[Saved data entries]
• • •
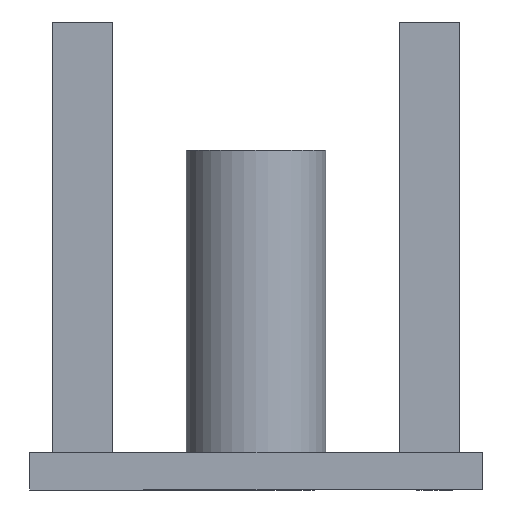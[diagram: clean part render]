
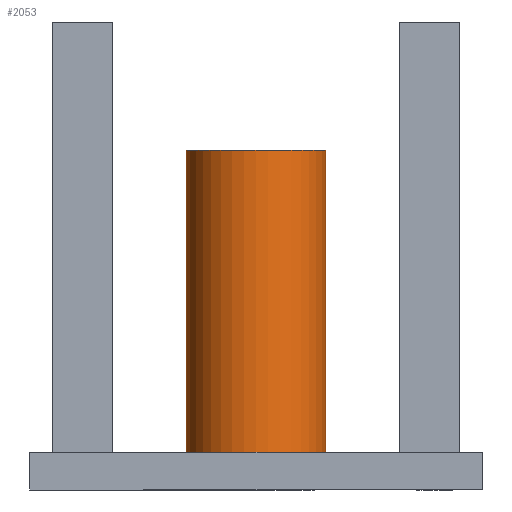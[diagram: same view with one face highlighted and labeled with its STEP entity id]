
A CAD part, left-side view. The second image highlights one B-rep face of the part: STEP entity #2053.
In plain terms, the highlighted cylindrical face has radius 9.25 mm (diameter 18.5 mm), a full revolution.
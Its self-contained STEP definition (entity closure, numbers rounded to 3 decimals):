
#72 = PLANE('',#73);
#73 = AXIS2_PLACEMENT_3D('',#74,#75,#76);
#74 = CARTESIAN_POINT('',(-50.,30.,5.));
#75 = DIRECTION('',(0.,0.,-1.));
#76 = DIRECTION('',(1.,0.,0.));
#833 = EDGE_CURVE('',#834,#834,#836,.T.);
#834 = VERTEX_POINT('',#835);
#835 = CARTESIAN_POINT('',(-25.25,0.,5.));
#836 = SURFACE_CURVE('',#837,(#842,#853),.PCURVE_S1.);
#837 = CIRCLE('',#838,9.25);
#838 = AXIS2_PLACEMENT_3D('',#839,#840,#841);
#839 = CARTESIAN_POINT('',(-34.5,0.,5.));
#840 = DIRECTION('',(-0.,0.,1.));
#841 = DIRECTION('',(1.,0.,0.));
#842 = PCURVE('',#72,#843);
#843 = DEFINITIONAL_REPRESENTATION('',(#844),#852);
#844 = ( BOUNDED_CURVE() B_SPLINE_CURVE(2,(#845,#846,#847,#848,#849,#850
,#851),.UNSPECIFIED.,.T.,.F.) B_SPLINE_CURVE_WITH_KNOTS((1,2,2,2,2,1),(
    -2.094,0.,2.094,4.189,6.283,
8.378),.UNSPECIFIED.) CURVE() GEOMETRIC_REPRESENTATION_ITEM() 
RATIONAL_B_SPLINE_CURVE((1.,0.5,1.,0.5,1.,0.5,1.)) REPRESENTATION_ITEM(
  '') );
#845 = CARTESIAN_POINT('',(24.75,30.));
#846 = CARTESIAN_POINT('',(24.75,13.979));
#847 = CARTESIAN_POINT('',(10.875,21.989));
#848 = CARTESIAN_POINT('',(-3.,30.));
#849 = CARTESIAN_POINT('',(10.875,38.011));
#850 = CARTESIAN_POINT('',(24.75,46.021));
#851 = CARTESIAN_POINT('',(24.75,30.));
#852 = ( GEOMETRIC_REPRESENTATION_CONTEXT(2) 
PARAMETRIC_REPRESENTATION_CONTEXT() REPRESENTATION_CONTEXT('2D SPACE',''
  ) );
#853 = PCURVE('',#854,#859);
#854 = CYLINDRICAL_SURFACE('',#855,9.25);
#855 = AXIS2_PLACEMENT_3D('',#856,#857,#858);
#856 = CARTESIAN_POINT('',(-34.5,0.,45.));
#857 = DIRECTION('',(-0.,0.,1.));
#858 = DIRECTION('',(1.,0.,0.));
#859 = DEFINITIONAL_REPRESENTATION('',(#860),#864);
#860 = LINE('',#861,#862);
#861 = CARTESIAN_POINT('',(-6.283,-40.));
#862 = VECTOR('',#863,1.);
#863 = DIRECTION('',(1.,-0.));
#864 = ( GEOMETRIC_REPRESENTATION_CONTEXT(2) 
PARAMETRIC_REPRESENTATION_CONTEXT() REPRESENTATION_CONTEXT('2D SPACE',''
  ) );
#2053 = ADVANCED_FACE('',(#2054),#854,.T.);
#2054 = FACE_BOUND('',#2055,.F.);
#2055 = EDGE_LOOP('',(#2056,#2085,#2106,#2107));
#2056 = ORIENTED_EDGE('',*,*,#2057,.F.);
#2057 = EDGE_CURVE('',#2058,#2058,#2060,.T.);
#2058 = VERTEX_POINT('',#2059);
#2059 = CARTESIAN_POINT('',(-25.25,0.,45.));
#2060 = SURFACE_CURVE('',#2061,(#2066,#2073),.PCURVE_S1.);
#2061 = CIRCLE('',#2062,9.25);
#2062 = AXIS2_PLACEMENT_3D('',#2063,#2064,#2065);
#2063 = CARTESIAN_POINT('',(-34.5,0.,45.));
#2064 = DIRECTION('',(0.,0.,-1.));
#2065 = DIRECTION('',(1.,0.,0.));
#2066 = PCURVE('',#854,#2067);
#2067 = DEFINITIONAL_REPRESENTATION('',(#2068),#2072);
#2068 = LINE('',#2069,#2070);
#2069 = CARTESIAN_POINT('',(-0.,0.));
#2070 = VECTOR('',#2071,1.);
#2071 = DIRECTION('',(-1.,0.));
#2072 = ( GEOMETRIC_REPRESENTATION_CONTEXT(2) 
PARAMETRIC_REPRESENTATION_CONTEXT() REPRESENTATION_CONTEXT('2D SPACE',''
  ) );
#2073 = PCURVE('',#2074,#2079);
#2074 = PLANE('',#2075);
#2075 = AXIS2_PLACEMENT_3D('',#2076,#2077,#2078);
#2076 = CARTESIAN_POINT('',(-34.5,0.,45.));
#2077 = DIRECTION('',(0.,0.,-1.));
#2078 = DIRECTION('',(1.,0.,0.));
#2079 = DEFINITIONAL_REPRESENTATION('',(#2080),#2084);
#2080 = CIRCLE('',#2081,9.25);
#2081 = AXIS2_PLACEMENT_2D('',#2082,#2083);
#2082 = CARTESIAN_POINT('',(0.,0.));
#2083 = DIRECTION('',(1.,0.));
#2084 = ( GEOMETRIC_REPRESENTATION_CONTEXT(2) 
PARAMETRIC_REPRESENTATION_CONTEXT() REPRESENTATION_CONTEXT('2D SPACE',''
  ) );
#2085 = ORIENTED_EDGE('',*,*,#2086,.T.);
#2086 = EDGE_CURVE('',#2058,#834,#2087,.T.);
#2087 = SEAM_CURVE('',#2088,(#2092,#2099),.PCURVE_S1.);
#2088 = LINE('',#2089,#2090);
#2089 = CARTESIAN_POINT('',(-25.25,0.,45.));
#2090 = VECTOR('',#2091,1.);
#2091 = DIRECTION('',(0.,0.,-1.));
#2092 = PCURVE('',#854,#2093);
#2093 = DEFINITIONAL_REPRESENTATION('',(#2094),#2098);
#2094 = LINE('',#2095,#2096);
#2095 = CARTESIAN_POINT('',(-6.283,0.));
#2096 = VECTOR('',#2097,1.);
#2097 = DIRECTION('',(-0.,-1.));
#2098 = ( GEOMETRIC_REPRESENTATION_CONTEXT(2) 
PARAMETRIC_REPRESENTATION_CONTEXT() REPRESENTATION_CONTEXT('2D SPACE',''
  ) );
#2099 = PCURVE('',#854,#2100);
#2100 = DEFINITIONAL_REPRESENTATION('',(#2101),#2105);
#2101 = LINE('',#2102,#2103);
#2102 = CARTESIAN_POINT('',(-0.,0.));
#2103 = VECTOR('',#2104,1.);
#2104 = DIRECTION('',(-0.,-1.));
#2105 = ( GEOMETRIC_REPRESENTATION_CONTEXT(2) 
PARAMETRIC_REPRESENTATION_CONTEXT() REPRESENTATION_CONTEXT('2D SPACE',''
  ) );
#2106 = ORIENTED_EDGE('',*,*,#833,.F.);
#2107 = ORIENTED_EDGE('',*,*,#2086,.F.);
• • •
Go to the line with "#75 = DIRECTION('',(0.,0.,-1.));" in the entries above and repeat every line from there through the line with "#2056 = ORIENTED_EDGE('',*,*,#2057,.F.);", exactly and with no other text.

> **Exercise output**
#75 = DIRECTION('',(0.,0.,-1.));
#76 = DIRECTION('',(1.,0.,0.));
#833 = EDGE_CURVE('',#834,#834,#836,.T.);
#834 = VERTEX_POINT('',#835);
#835 = CARTESIAN_POINT('',(-25.25,0.,5.));
#836 = SURFACE_CURVE('',#837,(#842,#853),.PCURVE_S1.);
#837 = CIRCLE('',#838,9.25);
#838 = AXIS2_PLACEMENT_3D('',#839,#840,#841);
#839 = CARTESIAN_POINT('',(-34.5,0.,5.));
#840 = DIRECTION('',(-0.,0.,1.));
#841 = DIRECTION('',(1.,0.,0.));
#842 = PCURVE('',#72,#843);
#843 = DEFINITIONAL_REPRESENTATION('',(#844),#852);
#844 = ( BOUNDED_CURVE() B_SPLINE_CURVE(2,(#845,#846,#847,#848,#849,#850
,#851),.UNSPECIFIED.,.T.,.F.) B_SPLINE_CURVE_WITH_KNOTS((1,2,2,2,2,1),(
    -2.094,0.,2.094,4.189,6.283,
8.378),.UNSPECIFIED.) CURVE() GEOMETRIC_REPRESENTATION_ITEM() 
RATIONAL_B_SPLINE_CURVE((1.,0.5,1.,0.5,1.,0.5,1.)) REPRESENTATION_ITEM(
  '') );
#845 = CARTESIAN_POINT('',(24.75,30.));
#846 = CARTESIAN_POINT('',(24.75,13.979));
#847 = CARTESIAN_POINT('',(10.875,21.989));
#848 = CARTESIAN_POINT('',(-3.,30.));
#849 = CARTESIAN_POINT('',(10.875,38.011));
#850 = CARTESIAN_POINT('',(24.75,46.021));
#851 = CARTESIAN_POINT('',(24.75,30.));
#852 = ( GEOMETRIC_REPRESENTATION_CONTEXT(2) 
PARAMETRIC_REPRESENTATION_CONTEXT() REPRESENTATION_CONTEXT('2D SPACE',''
  ) );
#853 = PCURVE('',#854,#859);
#854 = CYLINDRICAL_SURFACE('',#855,9.25);
#855 = AXIS2_PLACEMENT_3D('',#856,#857,#858);
#856 = CARTESIAN_POINT('',(-34.5,0.,45.));
#857 = DIRECTION('',(-0.,0.,1.));
#858 = DIRECTION('',(1.,0.,0.));
#859 = DEFINITIONAL_REPRESENTATION('',(#860),#864);
#860 = LINE('',#861,#862);
#861 = CARTESIAN_POINT('',(-6.283,-40.));
#862 = VECTOR('',#863,1.);
#863 = DIRECTION('',(1.,-0.));
#864 = ( GEOMETRIC_REPRESENTATION_CONTEXT(2) 
PARAMETRIC_REPRESENTATION_CONTEXT() REPRESENTATION_CONTEXT('2D SPACE',''
  ) );
#2053 = ADVANCED_FACE('',(#2054),#854,.T.);
#2054 = FACE_BOUND('',#2055,.F.);
#2055 = EDGE_LOOP('',(#2056,#2085,#2106,#2107));
#2056 = ORIENTED_EDGE('',*,*,#2057,.F.);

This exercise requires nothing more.